**Description of the task**
Among the entries below, find the lines holding "color" and copy them.

= = = =

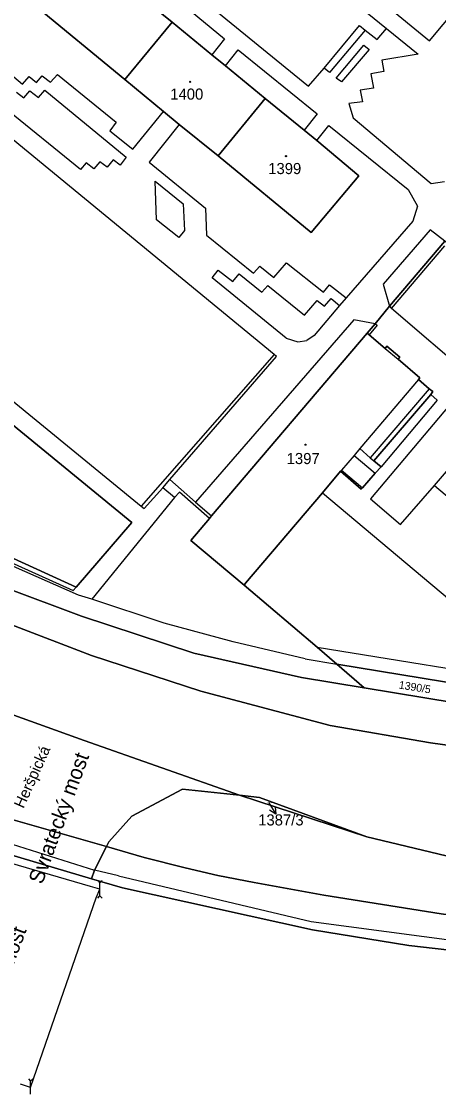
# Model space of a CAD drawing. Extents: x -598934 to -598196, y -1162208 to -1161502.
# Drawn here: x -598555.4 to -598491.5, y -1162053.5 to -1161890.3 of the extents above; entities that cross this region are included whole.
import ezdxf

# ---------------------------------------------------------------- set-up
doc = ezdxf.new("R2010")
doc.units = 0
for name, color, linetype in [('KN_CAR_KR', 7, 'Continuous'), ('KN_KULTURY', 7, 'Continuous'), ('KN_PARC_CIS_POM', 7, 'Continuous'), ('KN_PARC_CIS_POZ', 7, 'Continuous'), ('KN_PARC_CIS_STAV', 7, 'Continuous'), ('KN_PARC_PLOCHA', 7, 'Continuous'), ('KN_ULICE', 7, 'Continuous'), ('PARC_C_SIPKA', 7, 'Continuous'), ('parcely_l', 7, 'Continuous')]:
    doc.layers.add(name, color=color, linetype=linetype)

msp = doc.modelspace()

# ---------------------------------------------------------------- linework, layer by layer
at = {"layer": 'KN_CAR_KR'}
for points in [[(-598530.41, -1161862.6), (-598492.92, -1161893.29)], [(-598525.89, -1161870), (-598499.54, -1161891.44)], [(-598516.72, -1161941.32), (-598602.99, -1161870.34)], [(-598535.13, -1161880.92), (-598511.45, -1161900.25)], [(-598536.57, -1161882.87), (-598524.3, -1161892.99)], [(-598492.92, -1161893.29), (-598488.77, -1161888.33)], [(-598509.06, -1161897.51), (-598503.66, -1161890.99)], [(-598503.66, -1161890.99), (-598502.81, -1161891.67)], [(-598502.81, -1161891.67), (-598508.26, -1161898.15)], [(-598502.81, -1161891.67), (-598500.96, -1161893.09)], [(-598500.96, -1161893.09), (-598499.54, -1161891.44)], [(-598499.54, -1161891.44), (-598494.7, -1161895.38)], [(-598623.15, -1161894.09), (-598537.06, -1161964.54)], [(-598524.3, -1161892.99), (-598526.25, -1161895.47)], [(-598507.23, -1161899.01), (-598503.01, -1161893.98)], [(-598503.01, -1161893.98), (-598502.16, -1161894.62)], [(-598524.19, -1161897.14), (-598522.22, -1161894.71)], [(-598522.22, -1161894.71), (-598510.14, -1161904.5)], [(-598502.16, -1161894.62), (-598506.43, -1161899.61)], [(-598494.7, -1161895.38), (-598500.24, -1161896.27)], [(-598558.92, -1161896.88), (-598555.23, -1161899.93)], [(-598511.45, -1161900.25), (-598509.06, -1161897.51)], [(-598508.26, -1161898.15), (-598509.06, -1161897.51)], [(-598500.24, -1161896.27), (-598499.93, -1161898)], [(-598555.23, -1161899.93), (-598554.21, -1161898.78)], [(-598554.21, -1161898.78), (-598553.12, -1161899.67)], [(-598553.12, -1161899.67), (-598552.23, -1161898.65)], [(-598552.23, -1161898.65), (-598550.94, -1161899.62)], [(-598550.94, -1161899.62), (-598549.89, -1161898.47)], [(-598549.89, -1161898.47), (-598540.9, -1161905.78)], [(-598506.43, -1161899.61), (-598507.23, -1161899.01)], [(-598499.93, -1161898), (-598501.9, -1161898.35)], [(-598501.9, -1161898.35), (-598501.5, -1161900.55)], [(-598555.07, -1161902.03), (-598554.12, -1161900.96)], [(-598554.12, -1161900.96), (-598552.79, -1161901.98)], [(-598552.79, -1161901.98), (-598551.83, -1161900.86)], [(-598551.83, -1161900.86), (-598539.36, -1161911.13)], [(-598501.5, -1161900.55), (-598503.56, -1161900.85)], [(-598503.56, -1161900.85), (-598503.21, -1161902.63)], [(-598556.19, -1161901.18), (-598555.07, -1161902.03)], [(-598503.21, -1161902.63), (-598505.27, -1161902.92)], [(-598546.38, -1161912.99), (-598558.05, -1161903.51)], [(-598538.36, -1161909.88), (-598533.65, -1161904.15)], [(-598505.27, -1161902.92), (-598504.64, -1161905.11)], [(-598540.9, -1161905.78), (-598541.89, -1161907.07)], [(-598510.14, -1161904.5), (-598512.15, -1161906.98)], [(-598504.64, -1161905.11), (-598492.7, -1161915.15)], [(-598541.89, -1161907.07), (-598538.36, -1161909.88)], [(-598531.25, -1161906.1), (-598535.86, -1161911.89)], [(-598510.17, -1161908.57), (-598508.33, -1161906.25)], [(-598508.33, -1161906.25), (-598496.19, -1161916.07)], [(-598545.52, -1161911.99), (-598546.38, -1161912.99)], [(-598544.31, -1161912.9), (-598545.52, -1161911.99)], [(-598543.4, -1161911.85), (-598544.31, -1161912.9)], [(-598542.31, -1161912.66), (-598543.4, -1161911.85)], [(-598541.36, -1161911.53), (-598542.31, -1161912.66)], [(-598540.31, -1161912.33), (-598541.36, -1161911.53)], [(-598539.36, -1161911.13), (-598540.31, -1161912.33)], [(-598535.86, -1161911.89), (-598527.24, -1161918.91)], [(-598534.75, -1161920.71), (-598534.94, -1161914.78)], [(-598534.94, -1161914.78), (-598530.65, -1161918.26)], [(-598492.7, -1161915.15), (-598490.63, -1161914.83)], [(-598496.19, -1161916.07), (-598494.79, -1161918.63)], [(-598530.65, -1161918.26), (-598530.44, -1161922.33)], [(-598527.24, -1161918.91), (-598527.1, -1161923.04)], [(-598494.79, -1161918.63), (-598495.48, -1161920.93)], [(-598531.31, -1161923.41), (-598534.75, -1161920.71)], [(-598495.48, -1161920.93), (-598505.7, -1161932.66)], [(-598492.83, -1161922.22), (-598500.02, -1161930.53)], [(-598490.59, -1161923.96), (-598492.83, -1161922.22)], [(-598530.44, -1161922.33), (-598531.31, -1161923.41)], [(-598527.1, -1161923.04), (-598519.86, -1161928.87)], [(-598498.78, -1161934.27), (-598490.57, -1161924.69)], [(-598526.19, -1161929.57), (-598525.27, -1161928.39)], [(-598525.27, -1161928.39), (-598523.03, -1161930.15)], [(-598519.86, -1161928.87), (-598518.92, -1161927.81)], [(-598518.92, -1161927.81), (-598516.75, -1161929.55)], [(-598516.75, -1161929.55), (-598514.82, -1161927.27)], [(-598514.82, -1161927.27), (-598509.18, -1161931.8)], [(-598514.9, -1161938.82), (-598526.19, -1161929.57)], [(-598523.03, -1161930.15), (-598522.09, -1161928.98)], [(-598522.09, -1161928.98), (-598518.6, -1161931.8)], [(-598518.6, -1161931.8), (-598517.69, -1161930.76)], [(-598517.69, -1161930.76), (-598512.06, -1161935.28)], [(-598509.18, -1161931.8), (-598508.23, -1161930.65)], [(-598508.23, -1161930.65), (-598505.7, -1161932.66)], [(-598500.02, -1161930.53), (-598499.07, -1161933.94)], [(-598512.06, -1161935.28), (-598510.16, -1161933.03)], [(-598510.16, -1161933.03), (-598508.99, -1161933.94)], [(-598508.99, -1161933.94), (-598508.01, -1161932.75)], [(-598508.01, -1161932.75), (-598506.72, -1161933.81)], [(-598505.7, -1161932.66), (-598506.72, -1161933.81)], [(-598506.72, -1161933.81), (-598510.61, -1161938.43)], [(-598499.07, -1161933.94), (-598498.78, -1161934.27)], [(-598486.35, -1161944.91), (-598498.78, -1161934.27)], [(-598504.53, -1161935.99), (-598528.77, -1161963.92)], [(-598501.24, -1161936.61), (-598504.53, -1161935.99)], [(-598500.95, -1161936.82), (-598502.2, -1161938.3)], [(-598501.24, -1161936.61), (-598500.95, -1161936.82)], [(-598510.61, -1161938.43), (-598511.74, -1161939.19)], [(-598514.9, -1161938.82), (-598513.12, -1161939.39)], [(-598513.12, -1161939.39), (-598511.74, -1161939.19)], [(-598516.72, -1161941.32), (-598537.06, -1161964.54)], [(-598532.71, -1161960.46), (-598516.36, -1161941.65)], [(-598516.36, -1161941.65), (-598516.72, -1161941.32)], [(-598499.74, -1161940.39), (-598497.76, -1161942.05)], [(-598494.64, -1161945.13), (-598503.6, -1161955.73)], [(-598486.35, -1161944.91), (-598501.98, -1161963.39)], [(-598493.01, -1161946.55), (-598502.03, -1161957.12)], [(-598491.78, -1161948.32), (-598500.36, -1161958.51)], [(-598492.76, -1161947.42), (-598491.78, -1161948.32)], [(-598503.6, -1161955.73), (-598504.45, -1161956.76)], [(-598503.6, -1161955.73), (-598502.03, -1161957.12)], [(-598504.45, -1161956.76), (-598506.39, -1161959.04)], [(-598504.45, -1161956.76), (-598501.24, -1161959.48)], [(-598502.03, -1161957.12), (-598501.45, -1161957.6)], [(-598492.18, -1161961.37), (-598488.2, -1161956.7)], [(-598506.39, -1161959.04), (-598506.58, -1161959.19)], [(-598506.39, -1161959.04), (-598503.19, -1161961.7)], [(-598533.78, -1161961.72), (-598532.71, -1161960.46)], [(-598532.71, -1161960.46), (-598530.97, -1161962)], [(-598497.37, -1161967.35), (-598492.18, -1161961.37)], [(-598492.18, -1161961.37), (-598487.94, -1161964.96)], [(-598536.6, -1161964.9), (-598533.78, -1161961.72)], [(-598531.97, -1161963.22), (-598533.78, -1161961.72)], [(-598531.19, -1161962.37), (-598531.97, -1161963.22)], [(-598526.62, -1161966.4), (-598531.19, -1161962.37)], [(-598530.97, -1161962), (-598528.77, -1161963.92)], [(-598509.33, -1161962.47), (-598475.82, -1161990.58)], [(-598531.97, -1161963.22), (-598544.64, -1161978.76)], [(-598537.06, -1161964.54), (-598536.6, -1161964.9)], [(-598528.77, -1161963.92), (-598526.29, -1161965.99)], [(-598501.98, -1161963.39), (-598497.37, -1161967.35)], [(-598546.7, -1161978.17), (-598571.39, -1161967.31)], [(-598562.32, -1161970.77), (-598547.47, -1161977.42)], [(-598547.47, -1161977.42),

= = = =

**Exercise solution**
for name, color, linetype in [('KN_CAR_KR', 7, 'Continuous'), ('KN_KULTURY', 7, 'Continuous'), ('KN_PARC_CIS_POM', 7, 'Continuous'), ('KN_PARC_CIS_POZ', 7, 'Continuous'), ('KN_PARC_CIS_STAV', 7, 'Continuous'), ('KN_PARC_PLOCHA', 7, 'Continuous'), ('KN_ULICE', 7, 'Continuous'), ('PARC_C_SIPKA', 7, 'Continuous'), ('parcely_l', 7, 'Continuous')]:
    doc.layers.add(name, color=color, linetype=linetype)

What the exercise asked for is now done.